L’œuvre de Mohammed Kahouadji oscille entre l’humour et l’ironie. Jouant sans cesse avec les personnalités mythiques qui nous hantent – rock stars, hommes politiques, héros de dessins animés, ces peintures ne sont jamais de simples caricatures, ni moins encore la reproduction mécanique d’un état de fait. Quelque chose comme un élan d’amour les traverse ; comme une envie de guérir les plaies même du Pop Art et de prendre contre-pied le cynisme de sa démarche. Et si, à l’instar de ce que voulu faire la Figuration Narrative avec l’objet manufacturé, la peinture Pop retrouvait ici sa part d’humanité, et par là même, le sens de sa vocation ?

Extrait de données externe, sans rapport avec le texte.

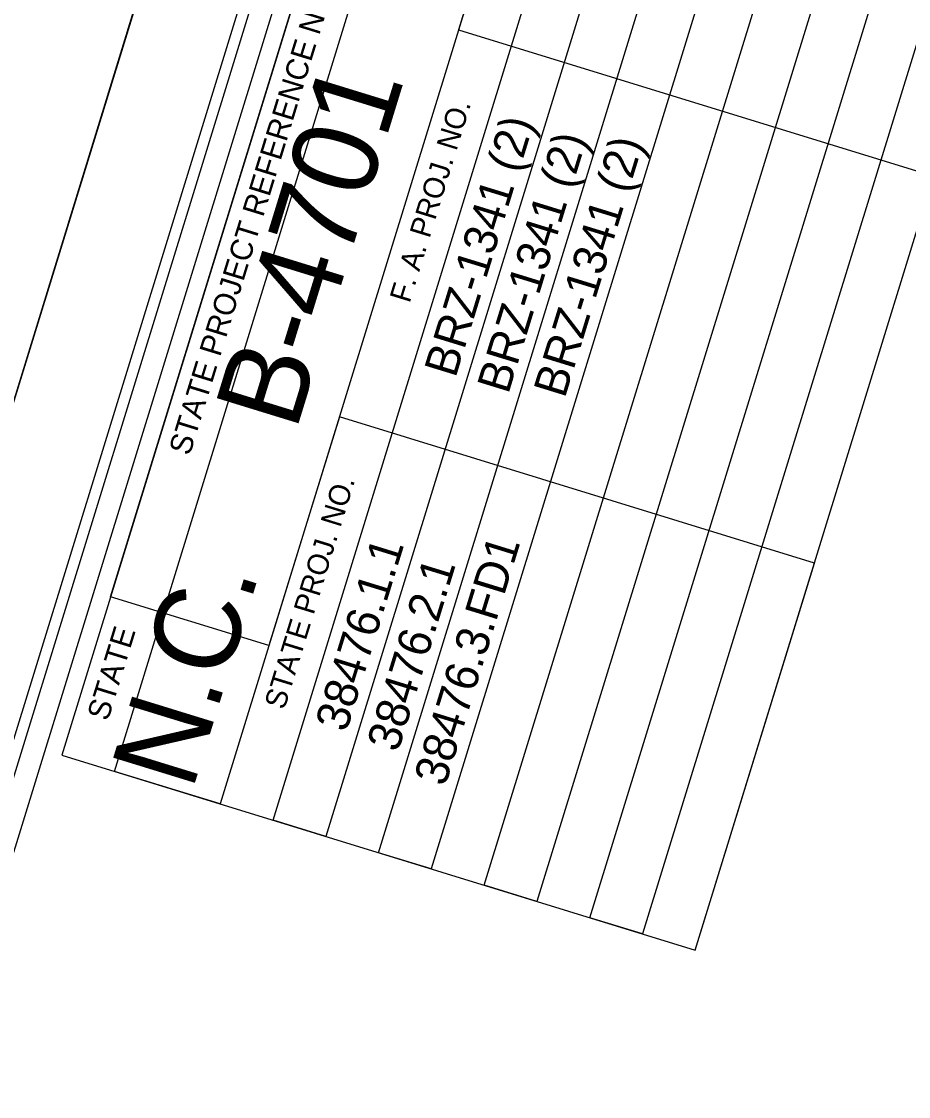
# Model space of a CAD drawing. Extents: x 1347947 to 1350662, y 1027710 to 1030532.
# Drawn here: x 1348377.3 to 1348578, y 1029792.5 to 1030035.7 of the extents above; entities that cross this region are included whole.
import ezdxf

# ---------------------------------------------------------------- set-up
doc = ezdxf.new("R2010")
doc.units = 0
for name, color, linetype in [('Sheet Cutting Line CELL', 7, 'Continuous'), ('Sheet Data Field CELL', 7, 'Continuous'), ('Sheet Plot Border Inside CELL', 7, 'Continuous'), ('Sheet Plot Border Outside CELL', 7, 'Continuous'), ('Sheet Title CELL', 7, 'Continuous')]:
    doc.layers.add(name, color=color, linetype=linetype)

msp = doc.modelspace()

# ---------------------------------------------------------------- linework, layer by layer
at = {"layer": 'Sheet Cutting Line CELL'}
msp.add_line((1347946.88, 1028557.97), (1348442.51, 1030167.38), dxfattribs=at)
at = {"layer": 'Sheet Plot Border Inside CELL'}
msp.add_lwpolyline([(1348980.53, 1028253.25), (1349471, 1029845.94), (1348462.64, 1030156.47), (1347972.16, 1028563.78)], close=True, dxfattribs=at)
at = {"layer": 'Sheet Plot Border Outside CELL'}
msp.add_lwpolyline([(1348442.51, 1030167.38), (1347946.88, 1028557.97), (1348998.14, 1028234.22), (1349493.77, 1029843.63)], close=True, dxfattribs=at)
at = {"layer": 'Sheet Title CELL'}
for points in [[(1348458.46, 1030134.23), (1348022.85, 1028719.76)], [(1348467.34, 1030132.53), (1348386.41, 1029869.7), (1348529.76, 1029825.56), (1348556.74, 1029913.15), (1348449.22, 1029946.26), (1348433.29, 1029894.51), (1348397.44, 1029905.55), (1348445.28, 1030060.86)], [(1348461.76, 1030127.97), (1348043.83, 1028770.87)], [(1348503.18, 1030121.49), (1348422.24, 1029858.67), (1348398.35, 1029866.03), (1348479.28, 1030128.85)], [(1348527.08, 1030114.13), (1348446.14, 1029851.31), (1348434.2, 1029854.99), (1348515.13, 1030117.81)], [(1348550.96, 1030106.77), (1348470.02, 1029843.95), (1348458.09, 1029847.63), (1348539.01, 1030110.45)], [(1348574.87, 1030099.41), (1348493.93, 1029836.61), (1348481.97, 1029840.28), (1348562.91, 1030103.1)], [(1348598.76, 1030092.05), (1348517.81, 1029829.24), (1348505.87, 1029832.91), (1348586.81, 1030095.73)], [(1348481.1, 1030049.81), (1348476.19, 1030033.85), (1348583.7, 1030000.74), (1348610.69, 1030088.38)], [(1348529.76, 1029825.56), (1348610.69, 1030088.38)]]:
    msp.add_lwpolyline(points, dxfattribs=at)

# ---------------------------------------------------------------- texts
at = {"layer": 'Sheet Data Field CELL'}
for s, p in [('BRZ-1341 (2)  ', (1348475.47, 1029954.87)), ('BRZ-1341 (2)  ', (1348487.42, 1029951.19)), ('BRZ-1341 (2)', (1348500.2, 1029950.26)), ('38476.3.FD1', (1348473.14, 1029862.4)), ('38476.1.1 ', (1348450.78, 1029874.68)), ('38476.2.1 ', (1348462.46, 1029870.15))]:
    msp.add_text(s, height=7.5, rotation=72.8834, dxfattribs=at).set_placement(p)
at = {"layer": 'Sheet Title CELL'}
for s, height, p in [('STATE PROJECT REFERENCE NO.', 4.9998, (1348415.33, 1029937.29)), ('B-4701', 19.35, (1348439.36, 1029942.76)), ('F. A. PROJ. NO.', 4.8, (1348465.09, 1029971.82)), ('STATE PROJ. NO.', 4.8, (1348436.75, 1029879.79)), ('N.C.', 19.35, (1348415.91, 1029861.4)), ('STATE', 5, (1348396.82, 1029877.22))]:
    msp.add_text(s, height=height, rotation=72.8834, dxfattribs=at).set_placement(p)

doc.saveas('drawing.dxf')
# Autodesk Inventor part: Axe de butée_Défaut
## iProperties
Shininess: 64.0
Length Units: 11269
Angle Units: 11279
Time Units: 11290
Mass Units: 11283
Length Display Precision: 3
Angle Display Precision: 2
Compacted: True
Part Number: Axe de butée_Défaut
Document SubType Name: Modeling
Created: 2006-11
Material: Par défaut
Designer: profs_sti
Density: 0.0
Volumn: 0.0
Area: 0.0
PropertySet Name: Model Information
Control State: 0
Master: False
Checked Out: False
Author: profs_sti
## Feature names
1. Base1

par Frédéric-Charles Baitinger
Enfant chéri de son époque, l’artiste est toujours le fils de la culture qu’il reçoit. Mais c’est en tant que fils, aussi, qu’il se saisit des images et des valeurs qu’on lui donne, et qu’il les juge à son tour ; affirmant contre elles sa puissance propre. Ni tout à fait servile, ni vraiment indépendante, l’imagination de Kahouadji épouse les formes qu’elle contemple, tout en leur donnant la valeur d’un symbole ou d’un archétype.
Que ce soit dans sa toile « When we were kings », ou bien encore dans cette autre intitulée « Laissés sans défense », différents niveaux de sens et de narrations se superposent, forçant ainsi le spectateur à s’interroger sur l’idée même qu’il pensait pouvoir se faire de l’image. Quelque chose résiste à l’interprétation littérale, sans pour autant que le sens implicite de chaque toile en soit contaminé.
Dans une atmosphère hallucinée, un zèbre aux couleurs acidulées, broute (ou bien alors lèche-t-il ?) les parties nobles d’un lion, lui-même couché sur le dos, et comme saisit d’un ronronnement d’extase. Comment décrire une telle ambiguïté sans renoncer au principe qui articule notre langue : le principe de non contradiction ? Ou bien alors – cette ambiguïté foncière de l’image – serait-elle justement ce qui distingue la peinture comme art de tous ces faux prétendants : le graphisme, la publicité, et plus largement encore, tout ce qui relève de la communication ?
Une chose est sûre : sans ce flottement insigne, sans cette polysémie latente qui hante chacune de ses toiles, l’œuvre de Kahouadji perdrait son sens et sa force d’impacte. Toujours construites de manière à susciter l’étonnement, ces œuvres représentent le seul et véritable antidote contre les mauvais effets que ne cesse de produire notre société du spectacle.
A rebours de tous les signes univoques qui ont progressivement envahis nos villes, la peinture de cet artiste est dialectique, au sens où ses compositions ne sont jamais simples, ni directement lisibles ou compréhensibles sans un effort de notre part. C’est pourquoi, nous serions tentés d’attribuer à Kahouadji cette maxime : la valeur d’une peinture se mesure au nombre de contradictions internes qu’elle connote. Toute image qui n’est pas construite autour d’un tel paradoxe n’est qu’une pâle copie d’une pensée morte.